Letters to the editor

Kent State must crack down on smoking ban

Dear Editor:

During the last big snowfall, I was walking into Tri-Towers and someone was actually smoking inside the breezeway. When I went to get a security person, the girl at the desk said, “Do you actually want me to get someone?” What a ridiculous question; why wouldn’t I want someone to stop smoking in the hallways?

Kent State posts signs on each door, “No smoking within twenty feet of the building.” RAs cannot write people up for not abiding by the rule but security can. However, security just goes and says, “Hey guys, just back away will ya?” Do you honestly think that is effective? How about the answer to that question is a big fat no. A warning does nothing. But to be written up would truly stop the problem. I do not deserve to have to walk by a cloud of smoke just to get into my dorm. Walking twenty feet away from the door is not hard to do. It is about time Kent State starts cracking down on the smoking. I think its getting just a little ridiculous.

Kathy Hiller

Junior education major

Pro-lifers need to act as they speak

Dear Editor:

As a pro-choice feminist, there are a number of complaints I could lodge against this week’s anti-abortion (I refuse to call the demonstration pro-life for reasons which will become clear momentarily) display in Risman Plaza.

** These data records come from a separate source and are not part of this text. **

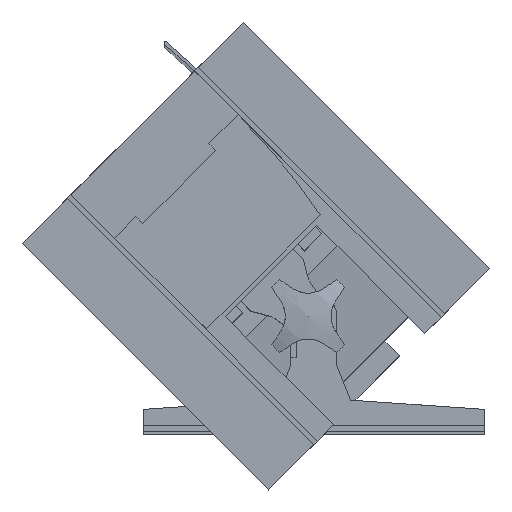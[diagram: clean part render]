
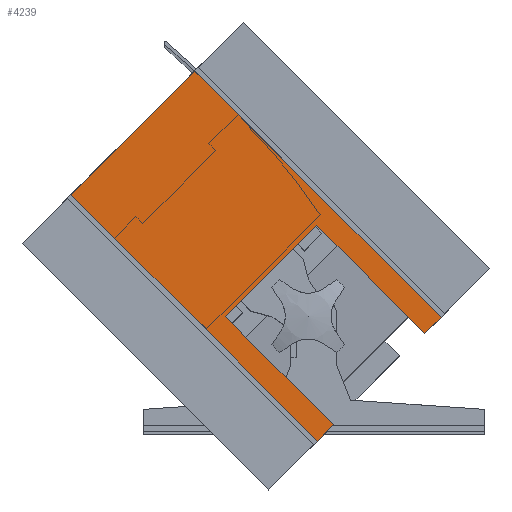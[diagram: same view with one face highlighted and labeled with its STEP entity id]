
A CAD part, top view. The second image highlights one B-rep face of the part: STEP entity #4239.
In plain terms, the highlighted planar face has unit normal (0, 0, 1).
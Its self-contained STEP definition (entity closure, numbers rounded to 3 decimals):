
#282=FACE_OUTER_BOUND('',#511,.T.);
#511=EDGE_LOOP('',(#3107,#3108,#3109,#3110,#3111,#3112,#3113,#3114));
#839=LINE('',#6387,#1366);
#842=LINE('',#6392,#1369);
#844=LINE('',#6396,#1371);
#848=LINE('',#6405,#1375);
#850=LINE('',#6409,#1377);
#851=LINE('',#6411,#1378);
#852=LINE('',#6412,#1379);
#853=LINE('',#6413,#1380);
#1366=VECTOR('',#5186,72.754);
#1369=VECTOR('',#5191,3.013);
#1371=VECTOR('',#5195,72.754);
#1375=VECTOR('',#5201,10.);
#1377=VECTOR('',#5205,6.5);
#1378=VECTOR('',#5206,10.);
#1379=VECTOR('',#5207,93.);
#1380=VECTOR('',#5208,6.5);
#1859=VERTEX_POINT('',#6385);
#1860=VERTEX_POINT('',#6386);
#1861=VERTEX_POINT('',#6391);
#1862=VERTEX_POINT('',#6395);
#1865=VERTEX_POINT('',#6402);
#1866=VERTEX_POINT('',#6404);
#1867=VERTEX_POINT('',#6408);
#1868=VERTEX_POINT('',#6410);
#2321=EDGE_CURVE('',#1859,#1860,#839,.T.);
#2324=EDGE_CURVE('',#1860,#1861,#842,.T.);
#2326=EDGE_CURVE('',#1862,#1861,#844,.T.);
#2330=EDGE_CURVE('',#1865,#1866,#848,.T.);
#2332=EDGE_CURVE('',#1867,#1859,#850,.T.);
#2333=EDGE_CURVE('',#1868,#1867,#851,.T.);
#2334=EDGE_CURVE('',#1868,#1866,#852,.T.);
#2335=EDGE_CURVE('',#1862,#1865,#853,.T.);
#3107=ORIENTED_EDGE('',*,*,#2321,.F.);
#3108=ORIENTED_EDGE('',*,*,#2332,.F.);
#3109=ORIENTED_EDGE('',*,*,#2333,.F.);
#3110=ORIENTED_EDGE('',*,*,#2334,.T.);
#3111=ORIENTED_EDGE('',*,*,#2330,.F.);
#3112=ORIENTED_EDGE('',*,*,#2335,.F.);
#3113=ORIENTED_EDGE('',*,*,#2326,.T.);
#3114=ORIENTED_EDGE('',*,*,#2324,.F.);
#4045=PLANE('',#4606);
#4239=ADVANCED_FACE('',(#282),#4045,.T.);
#4606=AXIS2_PLACEMENT_3D('',#6407,#5203,#5204);
#5186=DIRECTION('',(0.,1.,0.));
#5191=DIRECTION('',(-1.,0.,0.));
#5195=DIRECTION('',(0.,1.,0.));
#5201=DIRECTION('',(0.,1.,0.));
#5203=DIRECTION('center_axis',(0.,0.,
1.));
#5204=DIRECTION('ref_axis',(-1.,0.,0.));
#5205=DIRECTION('',(-1.,0.,0.));
#5206=DIRECTION('',(0.,-1.,0.));
#5207=DIRECTION('',(-1.,0.,0.));
#5208=DIRECTION('',(-1.,0.,0.));
#6385=CARTESIAN_POINT('',(38.,-130.022,515.1));
#6386=CARTESIAN_POINT('',(38.,-47.268,515.1));
#6387=CARTESIAN_POINT('',(38.,-125.022,515.1));
#6391=CARTESIAN_POINT('',(-32.,-47.268,515.1));
#6392=CARTESIAN_POINT('',(-23.987,-47.268,515.1));
#6395=CARTESIAN_POINT('',(-32.,-130.022,515.1));
#6396=CARTESIAN_POINT('',(-32.,-125.022,515.1));
#6402=CARTESIAN_POINT('',(-44.5,-130.022,515.1));
#6404=CARTESIAN_POINT('',(-44.5,58.732,515.1));
#6405=CARTESIAN_POINT('',(-44.5,58.732,515.1));
#6407=CARTESIAN_POINT('Origin',(53.,58.732,515.1));
#6408=CARTESIAN_POINT('',(50.5,-130.022,515.1));
#6409=CARTESIAN_POINT('',(49.5,-130.022,515.1));
#6410=CARTESIAN_POINT('',(50.5,58.732,515.1));
#6411=CARTESIAN_POINT('',(50.5,-10.645,515.1));
#6412=CARTESIAN_POINT('',(49.5,58.732,515.1));
#6413=CARTESIAN_POINT('',(-37.,-130.022,515.1));

I could, for example, make the standard and compelling argument that my body is mine to control, and mine about which to make decisions. As a teacher, I could criticize the use of gratuitously violent pictures — when I show images such as those used by the Genocide Awareness Project, I carefully consider the ramifications of my choice. I ask whether my use of these images further exploits those already exploited by various regimes and/or laws. I ask whether there is a way I can make my point without subjecting those individuals in the images to further degradation.

I could remind the anti-abortion protesters that the Nazi regime, and supporters of Jim Crow segregation, the very people whose crimes were depicted on poster-board as evidence about the inhumanity of abortion, also thought that women could not be trusted with reproductive rights, and undertook strenuous efforts to control women’s reproduction, even going so far as forcing them to be sterilized — an act I would consider a greater violation of human rights than abortion, which is, at least for a short time longer, still legal.

I could point out the racism of the panel with the words: “Ungentile, Unwhite, and Unborn.” If “born” is presented as the norm, that which is preferred, that which should be achieved at the expense of women’s individual rights, what does that say about the status of the “ungentile” and the “unwhite?” That they are not the norm — that gentile and white are the norm, and all else is inherently of a lesser value or is in some way objectionable.

I could criticize the appropriation of the suffering of others, specifically the victims of the Holocaust and Jim Crow segregation. If anti-abortionists cannot articulate their point except by usurping the suffering of others, if the use of such images not related to the issue at hand is the most compelling way to make the argument that abortion is wrong, then perhaps the argument has no merit in the first place.

These are all criticisms I could validly make of the anti-abortion demonstration. However, I want to make a point that I, as a genocide scholar, consider of the utmost importance, and that is the appropriation of the word genocide.

The word genocide has a very specific definition, written by a man who lost over 40 of his relatives to the Holocaust, and agreed upon in 1948 by the United Nations Convention on the Prevention and Punishment of the Crime of Genocide in the wake of the Nazi atrocities of the Second World War. The most important aspect of the definition for our purposes is:

” … acts committed with the intent to destroy, in whole or in part, a national, ethnical, racial or religious group . “

Women who have abortions have no intent to destroy a definable, immutable group — there is no group. There is no group of unborn children, with a set of characteristics common to all, which would make them a group that could be destroyed through genocide.

Language is the most powerful tool we have as a society to make changes to that with which we disagree. However, along with that power is a responsibility to use our words correctly. To misuse a word, purposefully, to make a point that can be made in better, more articulate ways, is to sacrifice the integrity of one’s cause.

When we misuse the word genocide, people die. We must remember that words which define everything, and which are invoked randomly and erroneously, define nothing and lose their power. When the word genocide loses its power, people will die, because the invocation of the word no longer has power, and the world can safely and with no ethical repercussions, stand by and do nothing in the face of real genocidal violence occurring today.

Thus, despite the many criticisms I could make of the anti-abortion protest in Risman Plaza this week, I choose to remind those who label themselves as pro-life that perhaps they should try actually being pro-life.